Stored data entries:
>>>>>

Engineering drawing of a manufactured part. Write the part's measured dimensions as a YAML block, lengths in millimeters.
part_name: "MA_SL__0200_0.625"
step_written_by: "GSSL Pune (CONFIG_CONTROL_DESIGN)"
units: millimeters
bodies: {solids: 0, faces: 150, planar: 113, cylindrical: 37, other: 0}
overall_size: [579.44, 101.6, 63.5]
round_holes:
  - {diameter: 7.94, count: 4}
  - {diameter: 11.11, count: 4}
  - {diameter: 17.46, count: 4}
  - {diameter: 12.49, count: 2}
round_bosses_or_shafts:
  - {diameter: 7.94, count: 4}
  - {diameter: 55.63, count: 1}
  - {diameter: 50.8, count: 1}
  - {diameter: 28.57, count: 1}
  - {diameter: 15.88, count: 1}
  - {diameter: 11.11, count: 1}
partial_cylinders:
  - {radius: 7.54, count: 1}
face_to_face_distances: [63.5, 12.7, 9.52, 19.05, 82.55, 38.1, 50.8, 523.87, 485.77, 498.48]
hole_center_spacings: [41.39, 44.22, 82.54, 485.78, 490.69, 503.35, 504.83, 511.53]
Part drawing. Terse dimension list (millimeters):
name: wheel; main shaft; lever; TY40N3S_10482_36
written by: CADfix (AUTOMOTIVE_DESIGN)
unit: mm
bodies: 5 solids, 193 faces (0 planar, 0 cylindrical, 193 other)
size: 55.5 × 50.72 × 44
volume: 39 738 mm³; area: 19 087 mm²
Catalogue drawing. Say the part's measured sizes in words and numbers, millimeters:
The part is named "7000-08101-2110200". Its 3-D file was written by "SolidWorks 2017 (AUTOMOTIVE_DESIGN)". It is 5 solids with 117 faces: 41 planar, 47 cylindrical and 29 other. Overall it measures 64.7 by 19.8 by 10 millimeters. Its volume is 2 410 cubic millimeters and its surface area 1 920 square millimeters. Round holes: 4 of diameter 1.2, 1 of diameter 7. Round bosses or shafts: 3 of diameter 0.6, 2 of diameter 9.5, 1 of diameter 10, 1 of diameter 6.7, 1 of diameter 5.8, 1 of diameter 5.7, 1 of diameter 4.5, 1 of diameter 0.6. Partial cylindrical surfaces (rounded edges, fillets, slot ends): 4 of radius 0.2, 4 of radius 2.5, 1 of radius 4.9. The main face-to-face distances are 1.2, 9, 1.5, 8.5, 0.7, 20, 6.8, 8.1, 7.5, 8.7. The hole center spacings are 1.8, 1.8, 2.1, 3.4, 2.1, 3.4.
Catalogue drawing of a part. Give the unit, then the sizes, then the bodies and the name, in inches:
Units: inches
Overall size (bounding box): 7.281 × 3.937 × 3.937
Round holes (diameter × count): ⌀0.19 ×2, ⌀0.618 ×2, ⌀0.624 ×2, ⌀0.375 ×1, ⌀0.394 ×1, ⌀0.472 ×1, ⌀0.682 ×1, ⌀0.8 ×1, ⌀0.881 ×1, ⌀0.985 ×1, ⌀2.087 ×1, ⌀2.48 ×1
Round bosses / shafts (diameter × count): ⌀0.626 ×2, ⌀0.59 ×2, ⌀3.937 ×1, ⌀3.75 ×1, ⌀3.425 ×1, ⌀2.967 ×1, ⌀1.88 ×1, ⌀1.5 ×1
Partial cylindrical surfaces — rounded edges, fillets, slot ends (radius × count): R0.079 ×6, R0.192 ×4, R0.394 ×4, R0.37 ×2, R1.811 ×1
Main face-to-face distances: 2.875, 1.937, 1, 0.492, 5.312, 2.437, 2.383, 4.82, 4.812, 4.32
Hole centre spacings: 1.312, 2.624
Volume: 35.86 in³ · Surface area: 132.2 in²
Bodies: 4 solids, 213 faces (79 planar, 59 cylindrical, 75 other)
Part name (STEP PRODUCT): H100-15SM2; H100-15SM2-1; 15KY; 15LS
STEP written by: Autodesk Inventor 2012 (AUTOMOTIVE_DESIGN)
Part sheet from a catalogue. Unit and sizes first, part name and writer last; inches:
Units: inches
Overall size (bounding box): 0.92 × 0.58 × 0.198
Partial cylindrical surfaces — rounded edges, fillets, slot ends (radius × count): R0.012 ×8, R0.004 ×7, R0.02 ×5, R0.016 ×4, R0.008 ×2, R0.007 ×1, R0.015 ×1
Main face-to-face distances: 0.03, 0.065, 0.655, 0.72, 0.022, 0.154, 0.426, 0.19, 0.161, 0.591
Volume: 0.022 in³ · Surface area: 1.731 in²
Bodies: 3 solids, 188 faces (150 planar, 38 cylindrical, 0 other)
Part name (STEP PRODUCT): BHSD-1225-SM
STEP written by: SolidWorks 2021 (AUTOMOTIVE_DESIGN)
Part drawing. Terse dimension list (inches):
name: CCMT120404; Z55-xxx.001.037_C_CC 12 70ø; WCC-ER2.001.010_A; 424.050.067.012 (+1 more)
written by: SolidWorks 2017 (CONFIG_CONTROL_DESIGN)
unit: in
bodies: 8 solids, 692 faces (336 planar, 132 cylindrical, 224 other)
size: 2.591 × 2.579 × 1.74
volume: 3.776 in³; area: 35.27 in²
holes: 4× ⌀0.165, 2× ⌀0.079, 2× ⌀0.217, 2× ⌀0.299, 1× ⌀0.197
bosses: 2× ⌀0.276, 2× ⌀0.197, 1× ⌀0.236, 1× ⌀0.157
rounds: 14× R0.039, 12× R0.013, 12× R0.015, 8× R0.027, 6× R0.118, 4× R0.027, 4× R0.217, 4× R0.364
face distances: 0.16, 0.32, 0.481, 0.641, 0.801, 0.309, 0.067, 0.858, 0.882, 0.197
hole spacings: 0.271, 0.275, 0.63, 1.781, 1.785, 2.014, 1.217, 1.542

<<<<<

Task brief
Work out how many lines of the preceding data contain the word "millimeters". Reply with that number only.

Task response
5